How to slice the wedding cake baker controversy with the Constitution

27
Jun2017

The Supreme Court has agreed to hear what’s become known as the “wedding cake baker” controversy. In short, does a baker have a right to refuse to make a wedding cake for a same-sex couple?

Many states have antidiscrimination laws that prohibit those who operate businesses of public accommodation (e.g. restaurants, stores, and bakeries) from denying service to people based on their sexual orientation. However, some religious cake bakers, florists, and probably others who sell wedding-related products have refused to sell them to same-sex couples because their religious beliefs oppose same-sex marriage or possibly even same-sex relationships. Some state governments have argued that these refusals violate their antidiscrimination laws. The cake bakers then claim that such laws cannot constitutionally force them to make a cake for a same-sex wedding because that would infringe on their freedom of religion.
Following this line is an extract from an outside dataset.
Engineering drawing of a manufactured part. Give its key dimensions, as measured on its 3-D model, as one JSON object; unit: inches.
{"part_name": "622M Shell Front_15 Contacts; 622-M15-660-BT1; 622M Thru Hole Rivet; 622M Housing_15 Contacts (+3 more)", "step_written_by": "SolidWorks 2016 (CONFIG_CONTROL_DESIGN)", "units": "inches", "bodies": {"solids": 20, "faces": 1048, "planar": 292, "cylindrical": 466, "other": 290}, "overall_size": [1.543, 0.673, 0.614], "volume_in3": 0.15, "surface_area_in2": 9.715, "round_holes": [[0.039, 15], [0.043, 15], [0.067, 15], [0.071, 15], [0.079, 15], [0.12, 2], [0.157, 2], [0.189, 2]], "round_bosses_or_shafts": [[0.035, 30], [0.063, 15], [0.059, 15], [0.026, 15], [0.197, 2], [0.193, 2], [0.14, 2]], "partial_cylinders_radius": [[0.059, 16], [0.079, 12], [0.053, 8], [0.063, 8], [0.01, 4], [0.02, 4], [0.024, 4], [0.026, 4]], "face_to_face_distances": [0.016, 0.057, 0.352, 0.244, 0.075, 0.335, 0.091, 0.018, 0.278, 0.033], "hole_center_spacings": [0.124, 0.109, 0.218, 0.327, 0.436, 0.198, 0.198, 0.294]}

Does the cake bakers’ claim have merit? Pardon the typical lawyer answer, but it depends. It depends on how far their desired refusal-of-service goes. Generally, antidiscrimination laws based on sexual orientation prohibit policies like, “You’re gay, you can’t eat here.” Such prohibition on discrimination applies equally to everyone and was not enacted to interfere with religion. It is, therefore, religiously neutral. If the bakers are fighting to be allowed to ignore that, their suit will probably fail. As the Supreme Court ruled in Employment Division, Department of Human Resources of Oregon v. Smith (full decision here), a state can enact religiously neutral restrictions that coincidentally burden religious practices. A state cannot, pass restrictions based on religion or to intentionally interfere with religious practices. Contrast Smith with Church of the Lukumi Babalu Aye v. City of Hialeah (full opinion). Antidiscrimination laws are an example of those religiously neutral restrictions that coincidentally burden religious practices.
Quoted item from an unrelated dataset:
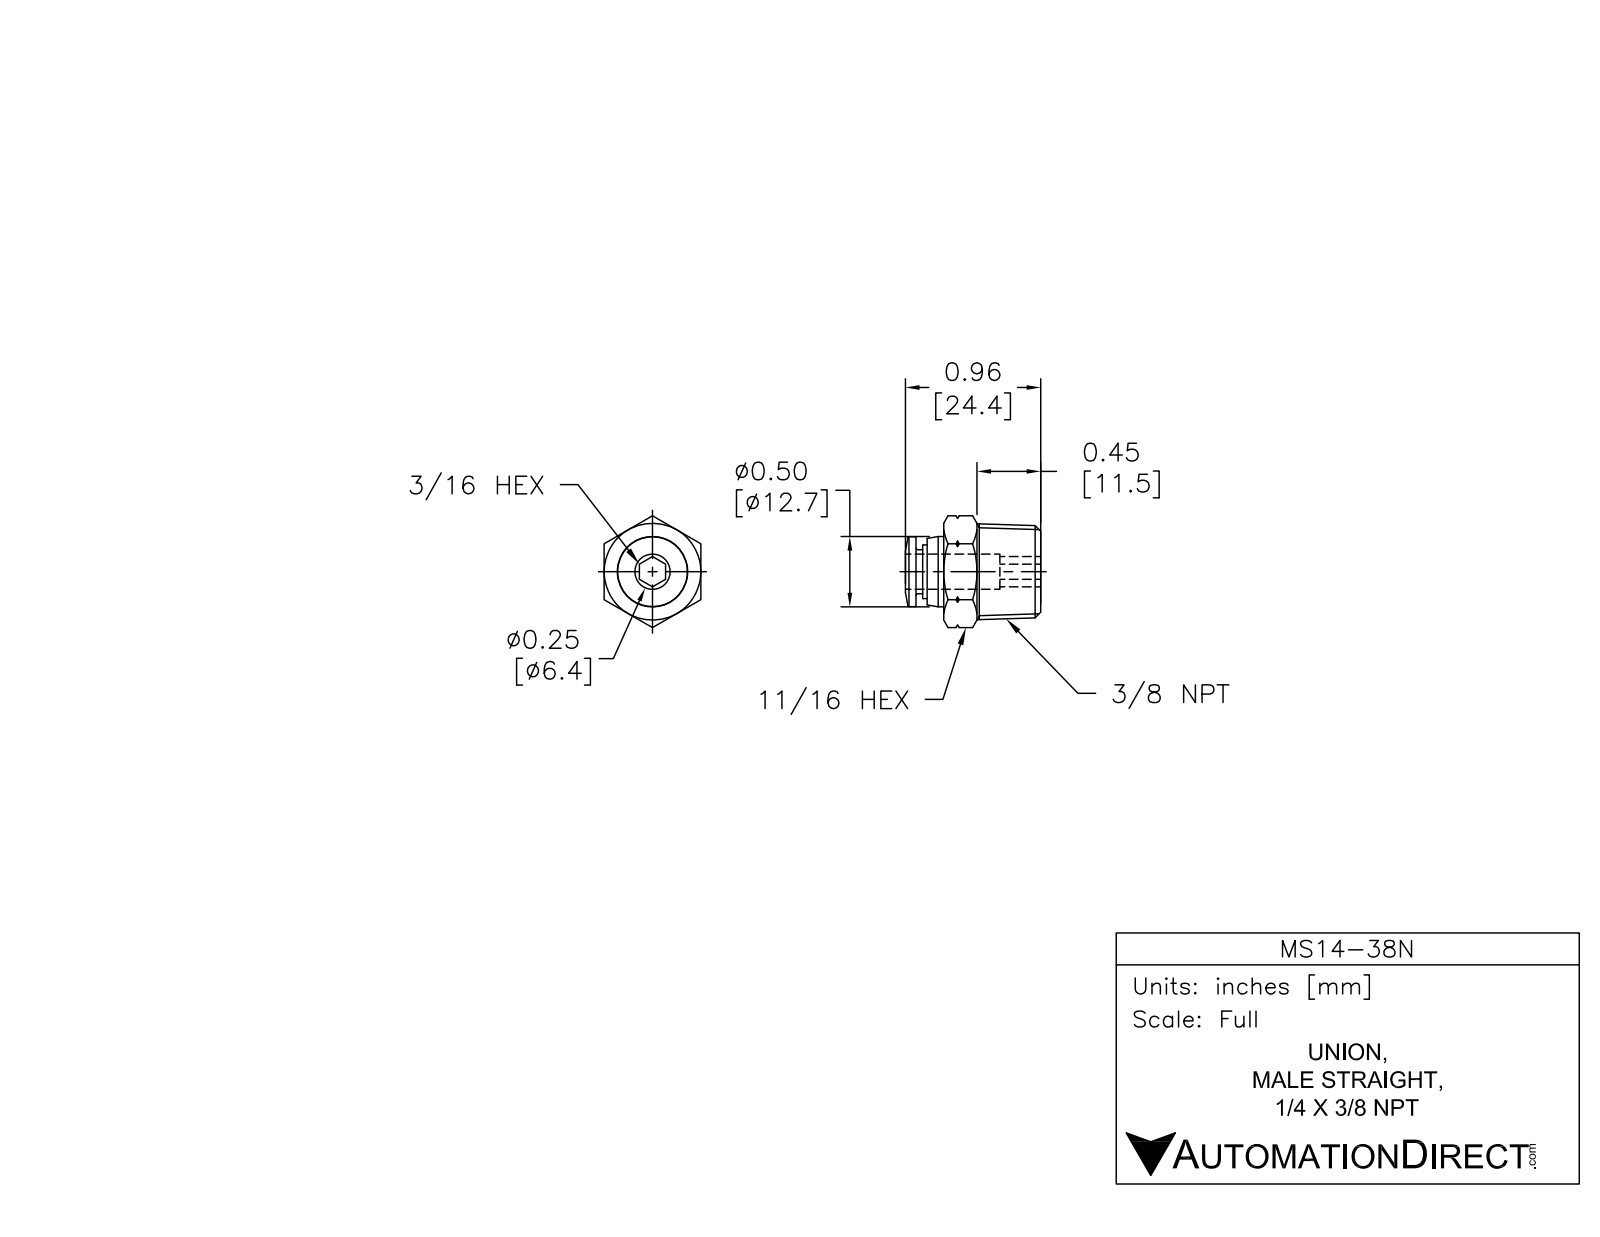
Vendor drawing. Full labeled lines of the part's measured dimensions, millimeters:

However, the cake bakers will be on firm ground if they are just arguing that they cannot be forced to do a particular design on a cake because that is an artistic expression. Although antidiscrimination laws are likely constitutional, cake bakers have the same right as everyone else to only express what they wish to express. A cake baker might not want to draw two male symbols or two female symbols together, or a Cross, a Star of David, a Star and Crescent, another religious symbol, or countless other things. Although you and I may disagree with such refusal, we have freedom of speech and freedom of religion in this country, and that includes a right not to express something. Refusing to do a particular design is the cake baker’s right and should be ruled as protected by the First Amendment. If you do not like someone’s art, your remedy is to buy someone else’s, not coerce someone to make art to your specifications.

Bottom line: who the customer is or how the product will be used once sold is none of the baker’s business. However, if the customer is requesting a design that violates the baker’s beliefs, for the state to coerce the baker to create that expression should be considered a violation of the First Amendment.